# Hello from Russia



## Luchnik (Aug 12, 2008)

Hi, everyone!
One lady archer more here, from Moscow region this time. By now I have 5 years of archery experience, great desire to go on shooting, and plenty of questions to ask... :archer:


----------



## hunter6 (Aug 13, 2008)

*welcome*

hi there welcome to the site hope you have a good time here at AT . take care t.g.:cocktail:


----------



## hockeynut (Aug 15, 2007)

Welcome to AT....


----------



## Dthbyhoyt (Dec 4, 2004)

:welcome: 2 ArcheryTalk


----------



## pTac (Jun 25, 2005)

Welcome!


----------



## holepuncher (Jan 3, 2005)

Welcome, I was wondering, do you shoot a compound bow or Traditional Longbow/Recurve?


----------



## Double S (Mar 30, 2008)

Welcome to Archerytalk:darkbeer:


----------



## swampfrogg (Jun 29, 2007)

Glad to have ya here!!

Enjoy archery, Bring others along!!


----------



## smurphysgirl (Mar 6, 2007)

Welcome to AT! 

Happy shooting!


----------



## tylerolsen12 (Feb 8, 2007)

welcome to AT


----------



## Bowhuntr64 (Aug 6, 2007)

Priviet. I travel to Siberia fairly often and have always dreamed of hunting over there. I have heard there is no bowhunting allowed in Russia...is that true?


----------



## Tim Roberts (Jul 13, 2002)

:wave3: :yo: *G'day.*:welcome: to*Archery Talk* Luchnik. :typing: Enjoy the *fun* here.


----------



## Bayfield (Mar 23, 2008)

Hello Luchnik,
Lady archers are always welcome on AT. What brand of bows is most commonly used in Russia?


----------



## Luchnik (Aug 12, 2008)

holepuncher said:


> Welcome, I was wondering, do you shoot a compound bow or Traditional Longbow/Recurve?

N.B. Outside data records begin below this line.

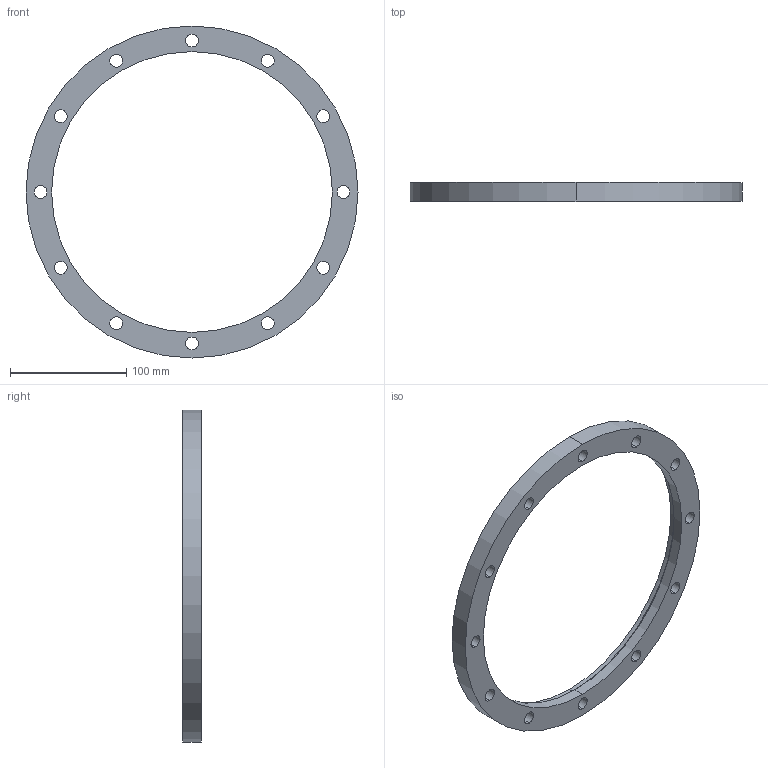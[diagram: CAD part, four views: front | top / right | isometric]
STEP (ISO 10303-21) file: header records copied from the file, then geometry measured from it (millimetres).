
FILE_DESCRIPTION (( 'STEP AP214' ), '1' );
FILE_NAME ('W5UEF200.STEP', '2021-01-27T10:06:21', ( '' ), ( '' ), 'SwSTEP 2.0', 'SolidWorks 2020', '' );
FILE_SCHEMA (( 'AUTOMOTIVE_DESIGN' ));
Length unit declared in the file: millimetre
Products named in the file (1): W5UEF200
Bounding box: 285 x 16 x 285 mm (x, y, z)
Volume: 259935.7 mm3; surface area: 66427 mm2
Topology: 1 solids, 1 shells, 35 faces, 94 edges, 62 vertices
Faces by surface type: cylinder 30, plane 3, torus 2
Entity records: 1222 total; most frequent: DIRECTION 230, CARTESIAN_POINT 192, ORIENTED_EDGE 188, AXIS2_PLACEMENT_3D 100, EDGE_CURVE 94, CIRCLE 64, VERTEX_POINT 62, EDGE_LOOP 62

In Russia most people who do traditional and historic archery (which are actually destined to become one and the same thing in the nearest future) use traditional bows, around 50% of which are longbows and another 50% are short bows of Asian type. I shoot both of the above mentioned.


----------



## Luchnik (Aug 12, 2008)

Bowhuntr64 said:


> Priviet. I travel to Siberia fairly often and have always dreamed of hunting over there. I have heard there is no bowhunting allowed in Russia...is that true?


Privet! Many people dream of bowhunting in Siberia, but this is really forbidden by Russian legislation. :sad: So at present bowhunters go to shoot to the neighbouring countries and hope that things will change some day.


----------



## celticgladiator (Feb 13, 2008)

Welcome to AT!!!! you have come to a great place for information.


----------



## Luchnik (Aug 12, 2008)

Bayfield said:


> Hello Luchnik,
> Lady archers are always welcome on AT. What brand of bows is most commonly used in Russia?


Those who do traditional archery prefer Samick, SKB and Wind Fighter, and the overwhelming majority of people who shoot at re-enactment events choose Kassai and Grozer or other Hungarian brends. I have Kassai and am immencely pleased, so far he has never let me down.


----------



## j3dgu (Jan 18, 2006)

:welcomesign:


----------



## Bayou Bowhunter (Sep 18, 2007)

Hello and :welcome: to Archery Talk! :cheers:


----------



## Bowdiddly (Jan 19, 2004)

Welcome to Archery Talk


----------



## ky-archer (Jan 22, 2007)

Luchnik, welcome for another lady archer. Where did you learn English? You seem to "speak" it very well.


----------



## Luchnik (Aug 12, 2008)

ky-archer said:


> Luchnik, welcome for another lady archer. Where did you learn English? You seem to "speak" it very well.


Well, at a local institute at the depths of the country. 
But I used to work for a British company, probably this explains.


----------



## Bayfield (Mar 23, 2008)

Hello Luchnik,

Thank you for your answers concerning bows, and sorry for not coming back to you sooner. I know Samick and SKB. The others I have never heard of. I was a little puzzled by your statement that bowhunting in Siberia is illegal. I thought bowhunting to be legal in Russia and the whole of the former Soviet Union. Are you quite sure about this??


----------



## Luchnik (Aug 12, 2008)

Hi Bayfield and everyone, 

to tell you honestly I am not sure about the rest of the former USSR, but that bowhunting is illegal in Russia is 100% true. I have checked in the law books.


----------